“It’s in Prue and I.”
“Never read it; thought it was sentimental.”
“It is, but in a good sense. Tittbottom’s spectacles are the best thing in it. He had only to put them on and he saw the inner-self of anyone on whom he looked. Well, I have cultivated the Tittbottom habit. I see the impatience, the illness, the ignorance, the misunderstanding, back of the words, and then I can’t be hurt. Might as well be insulted because a leaf turns brown.”
“I believe you would forgive a criminal for being bad!”
“Quite so. I would even forgive a good man for being good!”
The racket about them was most persistent: the rattling of hand-trucks, the bumping of trunks, the roaring conversation of hundreds of embarking passengers—more than one steamer had arrived that morning—and the shouts and whistles that gave direction to machinery. But the noise instead of interfering with the dialogue cut the two off from the rest of the world, isolated them, as it were, in their own private room with invisible walls.

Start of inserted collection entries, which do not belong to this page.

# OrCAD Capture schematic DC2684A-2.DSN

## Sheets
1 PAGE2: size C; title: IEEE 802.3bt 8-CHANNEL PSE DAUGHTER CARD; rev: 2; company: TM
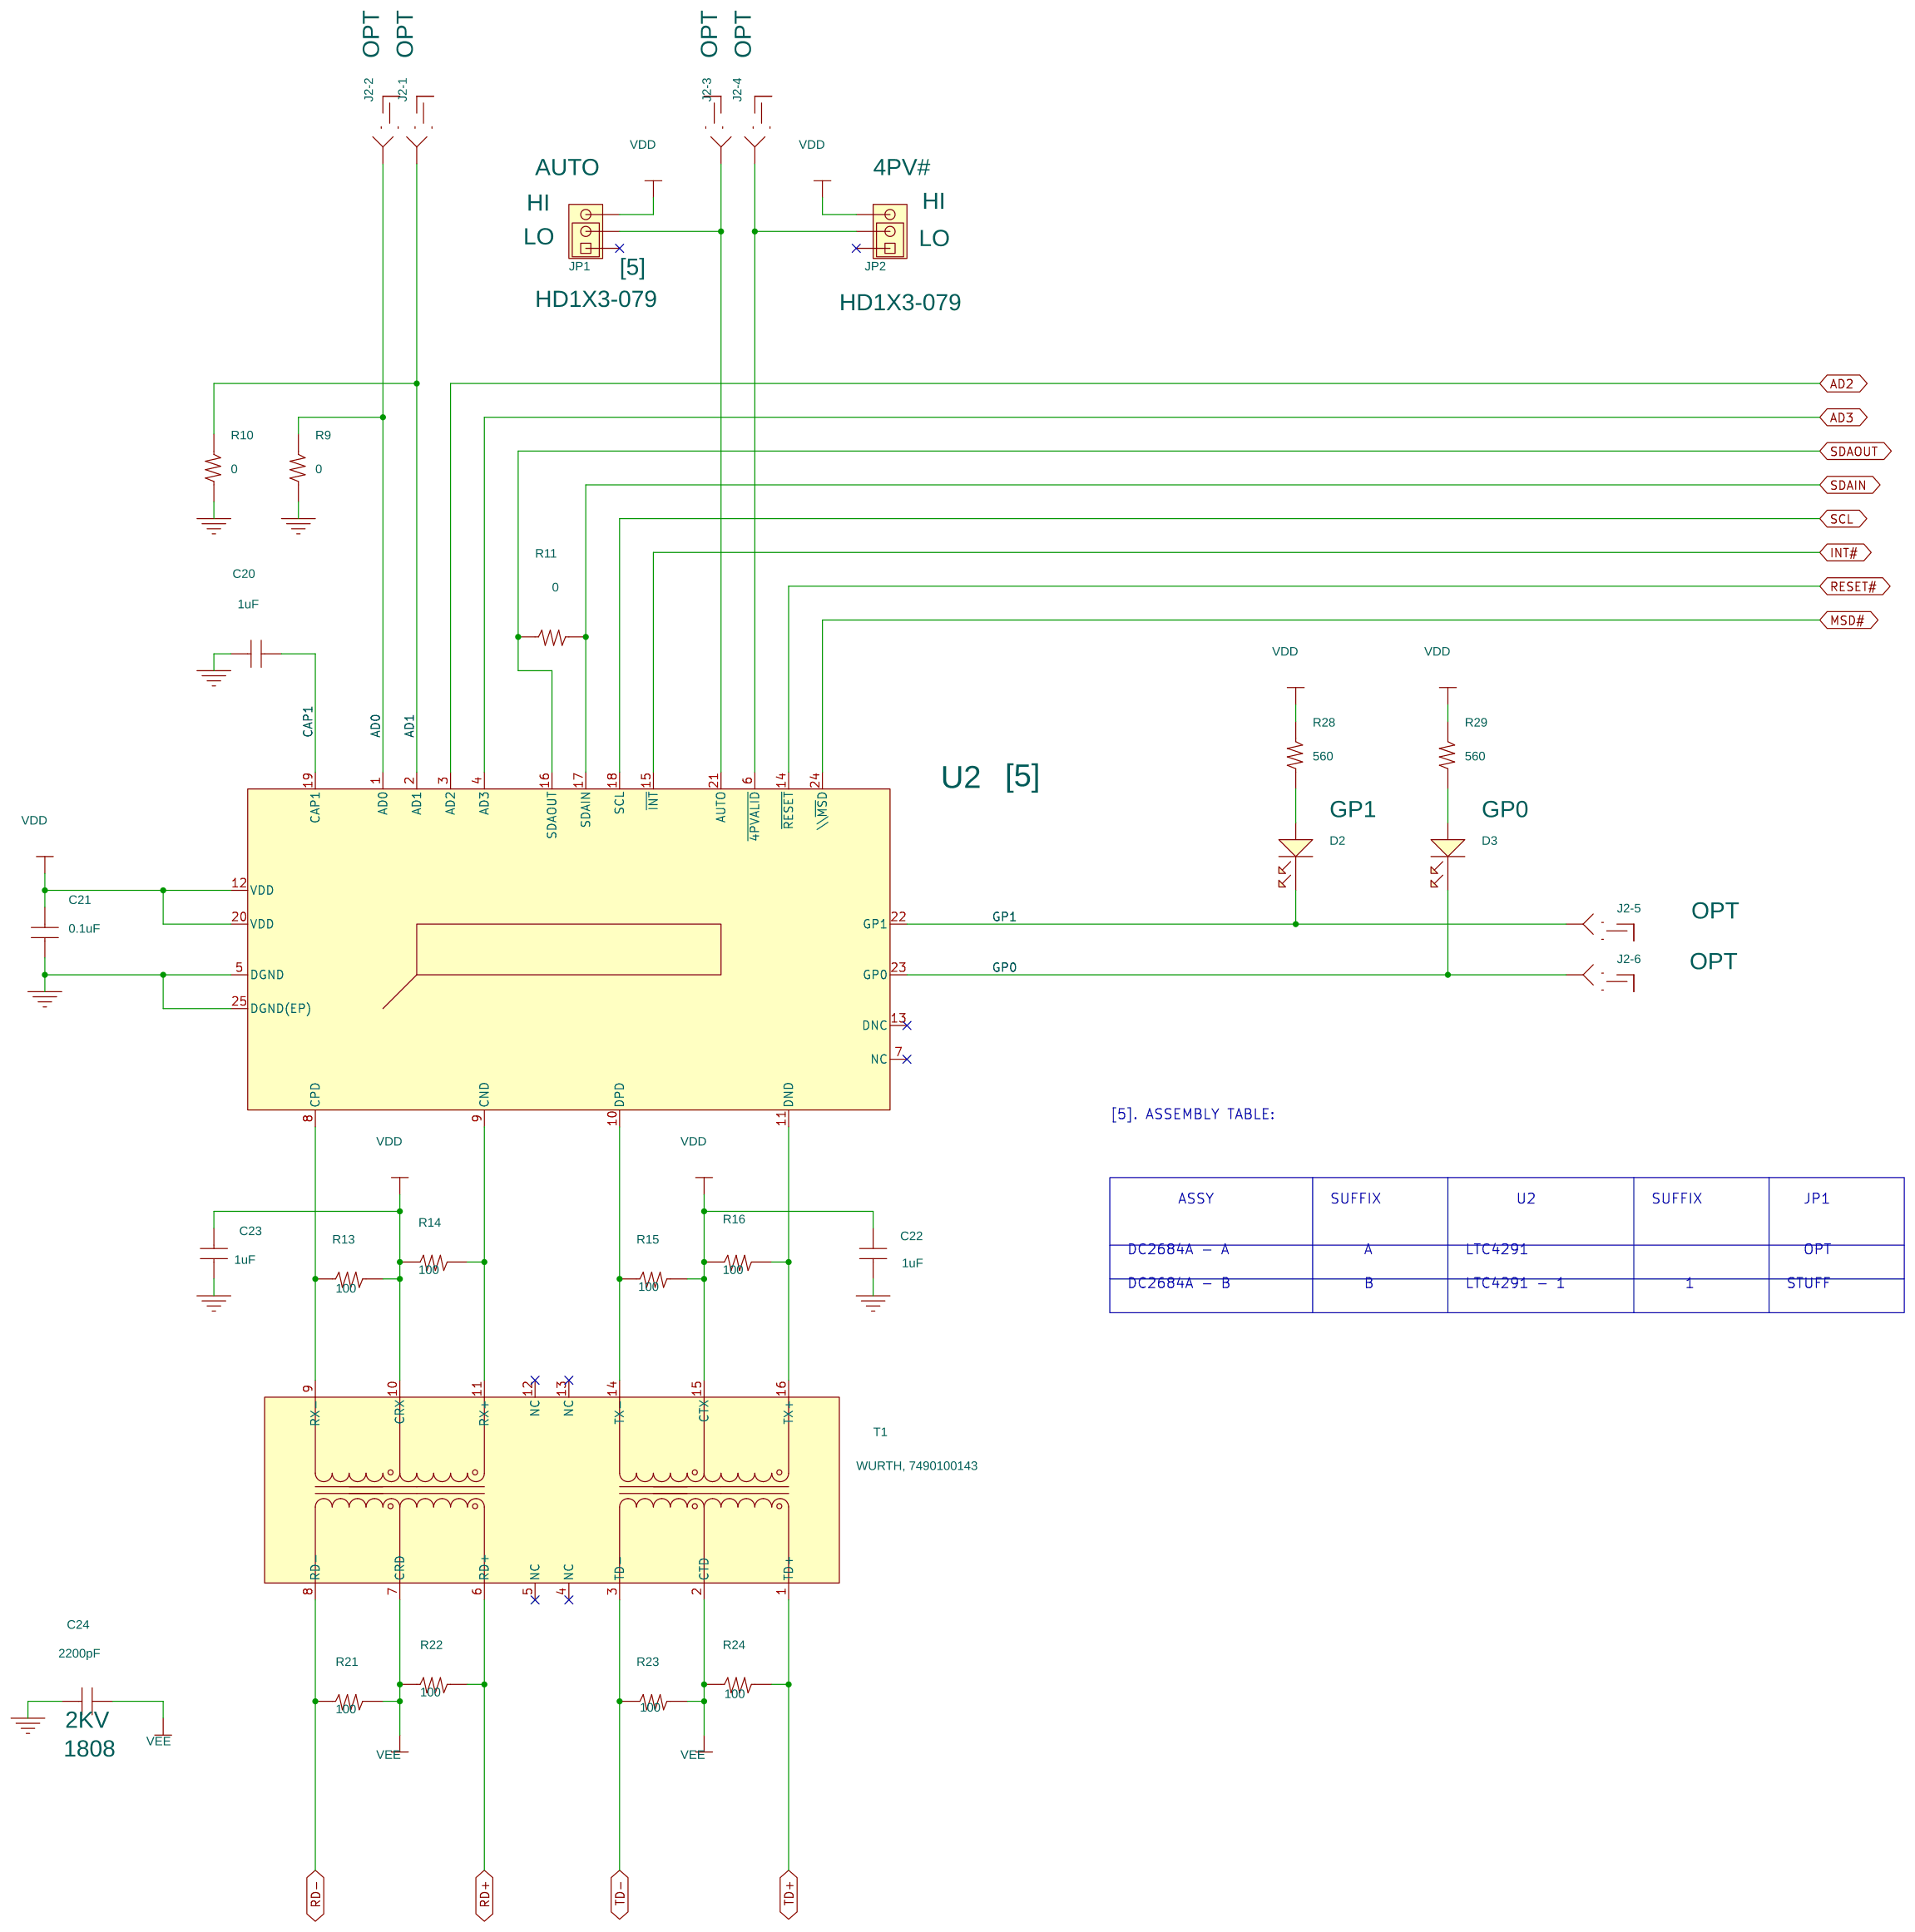
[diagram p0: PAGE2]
2 PAGE1: size Custom
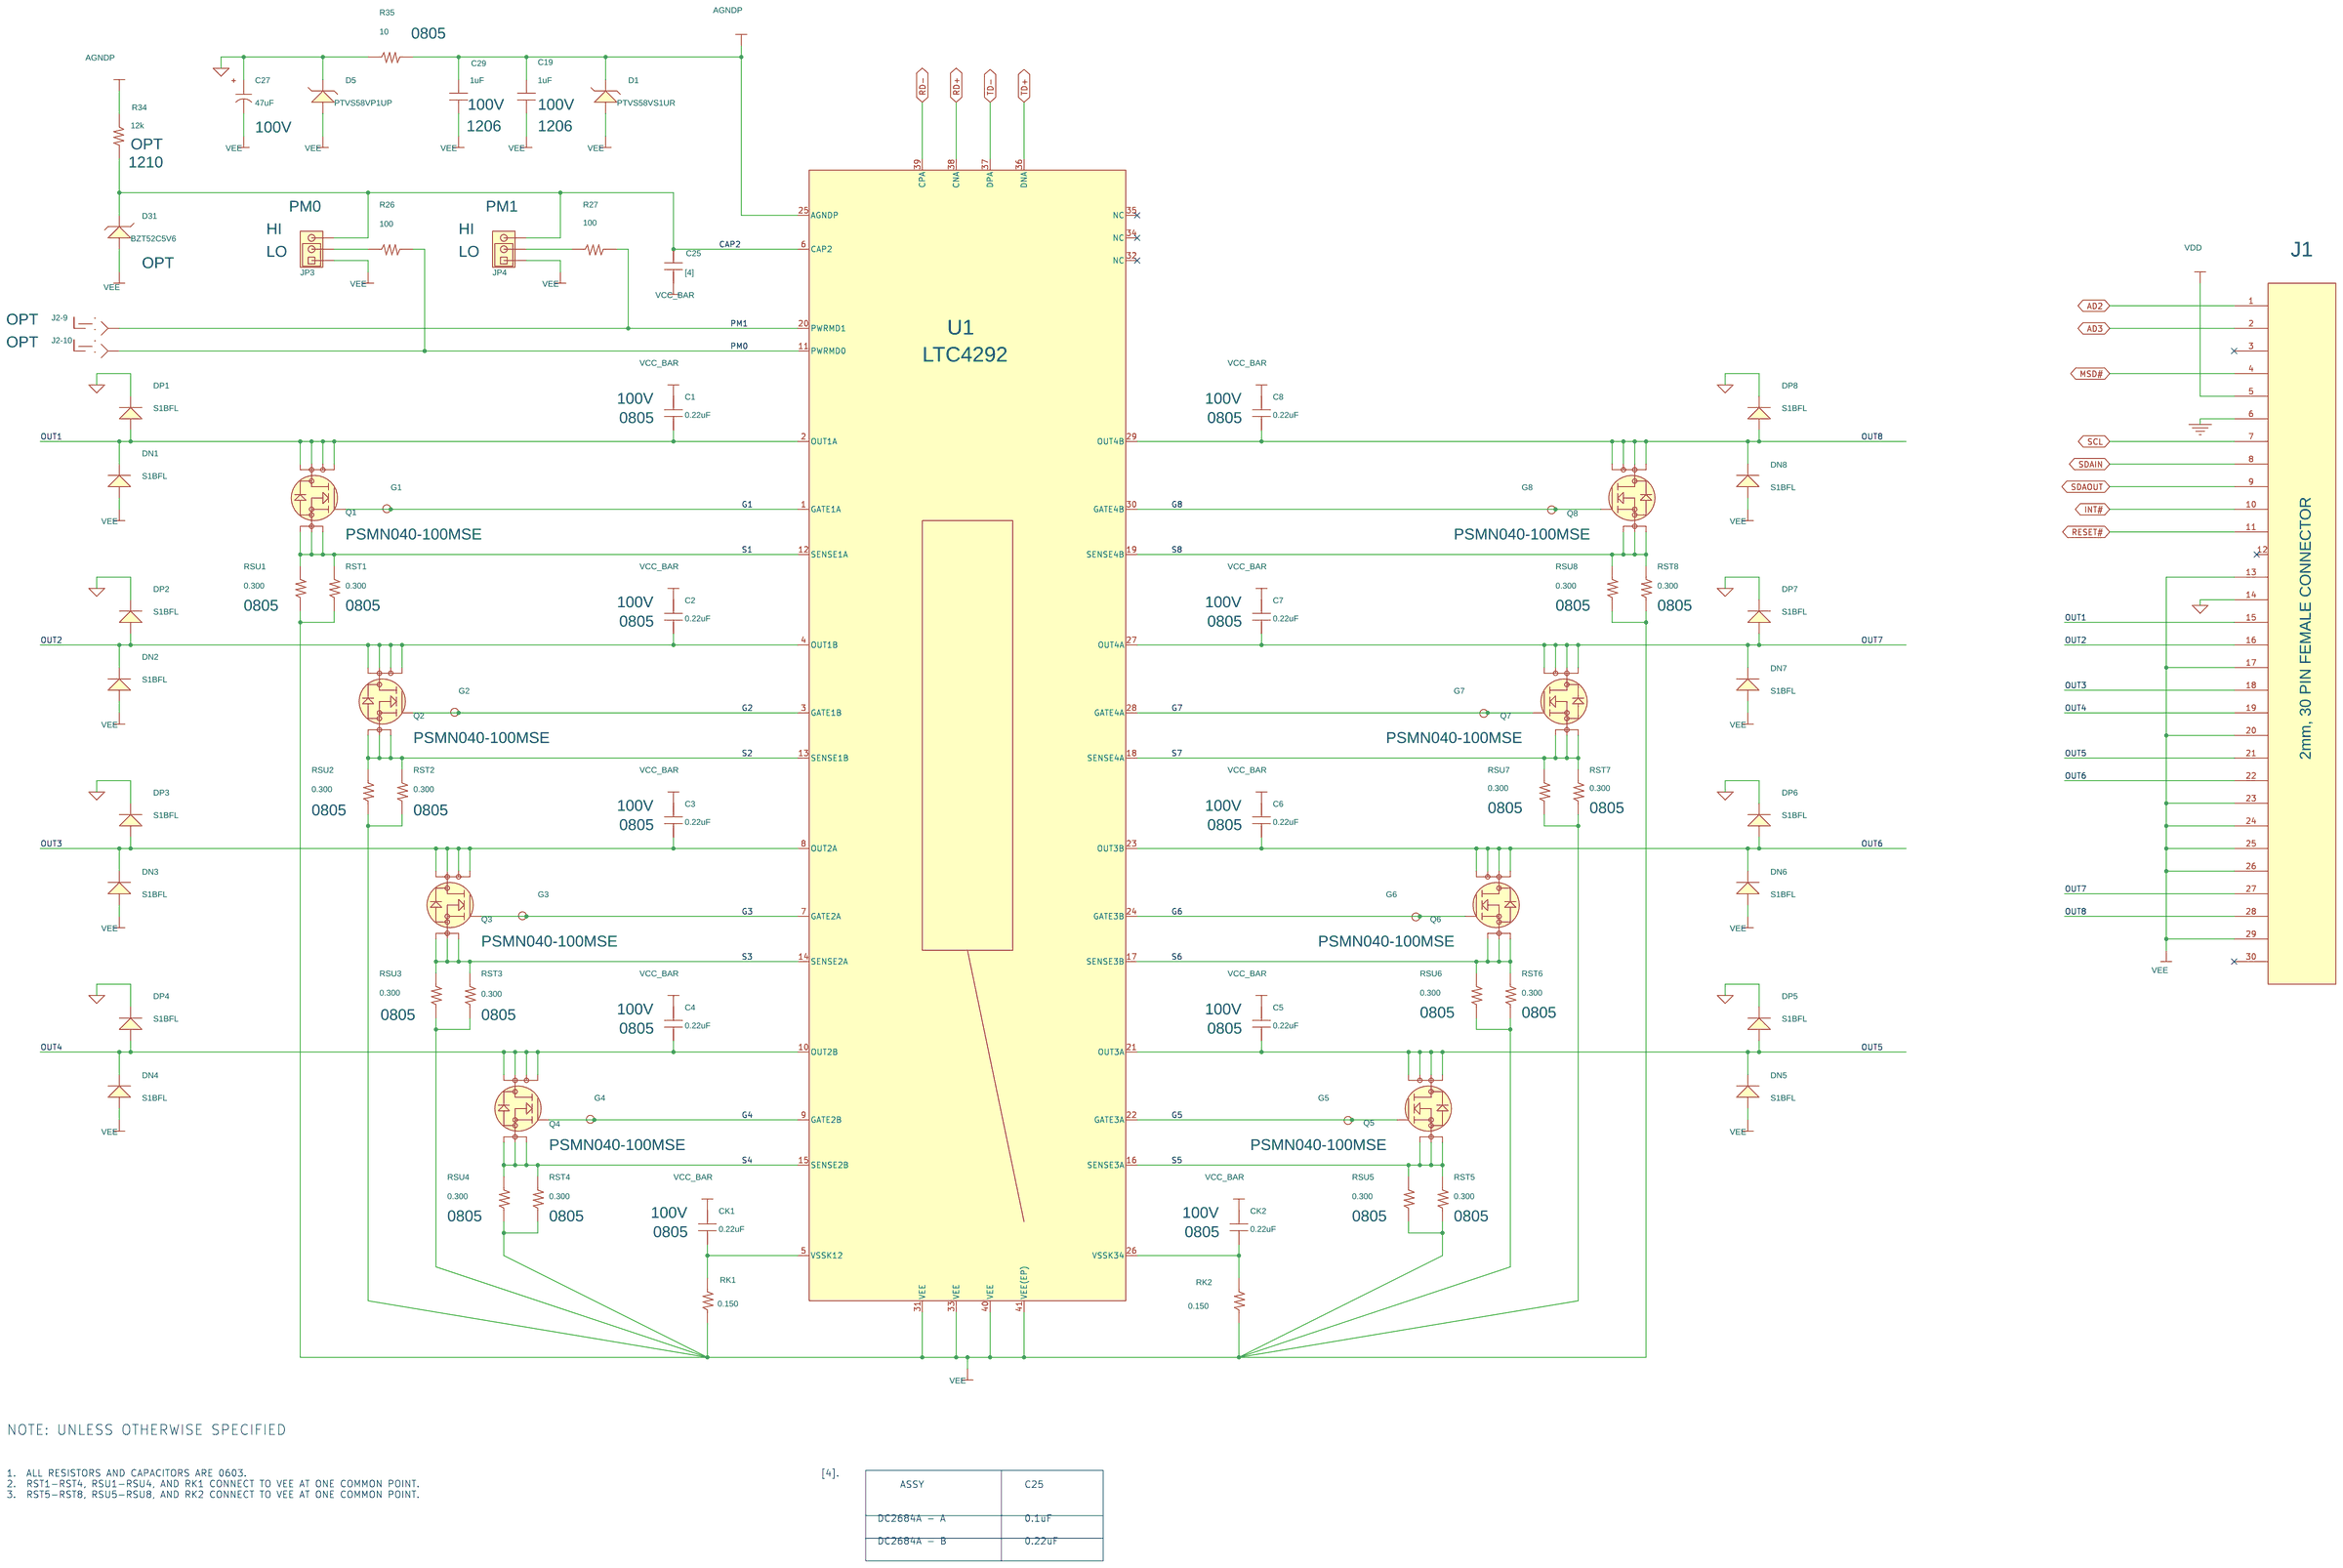
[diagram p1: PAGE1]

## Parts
sheet PAGE1
C1  0.22uF  [0805]
C2  0.22uF  [0805]
C3  0.22uF  [0805]
C4  0.22uF  [0805]
C5  0.22uF  [0805]
C6  0.22uF  [0805]
C7  0.22uF  [0805]
C8  0.22uF  [0805]
C19  1uF  [1206]
C25  [4]  [0603]
C27  47uF  [C-NICHICON-UVK-8X11.5]
C29  1uF  [1206]
CK1  0.22uF  [0805]
CK2  0.22uF  [0805]
D1  PTVS58VS1UR  [SOD123W]
D5  PTVS58VP1UP  [SOD128]
D31  BZT52C5V6  [SOD123]
DN1  S1BFL  [SOD123]
DN2  S1BFL  [SOD123]
DN3  S1BFL  [SOD123]
DN4  S1BFL  [SOD123]
DN5  S1BFL  [SOD123]
DN6  S1BFL  [SOD123]
DN7  S1BFL  [SOD123]
DN8  S1BFL  [SOD123]
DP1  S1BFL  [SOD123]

“Well,” she said, “whatever you are, I’m glad now that you are coming with us.”
“I knew you wanted me to come with you to ‘Red Jacket’ even when you said you didn’t.”
“You ‘sensed’ right then. I did. But I was fearfully afraid of exposure. I am yet. That’s why I’m going to ask you to be very nice to mother on the train, and then when you ‘sense’ the proper moment tell her the whole story of our trip to the top of the hill in Naples, your real name and everything.”
“But——”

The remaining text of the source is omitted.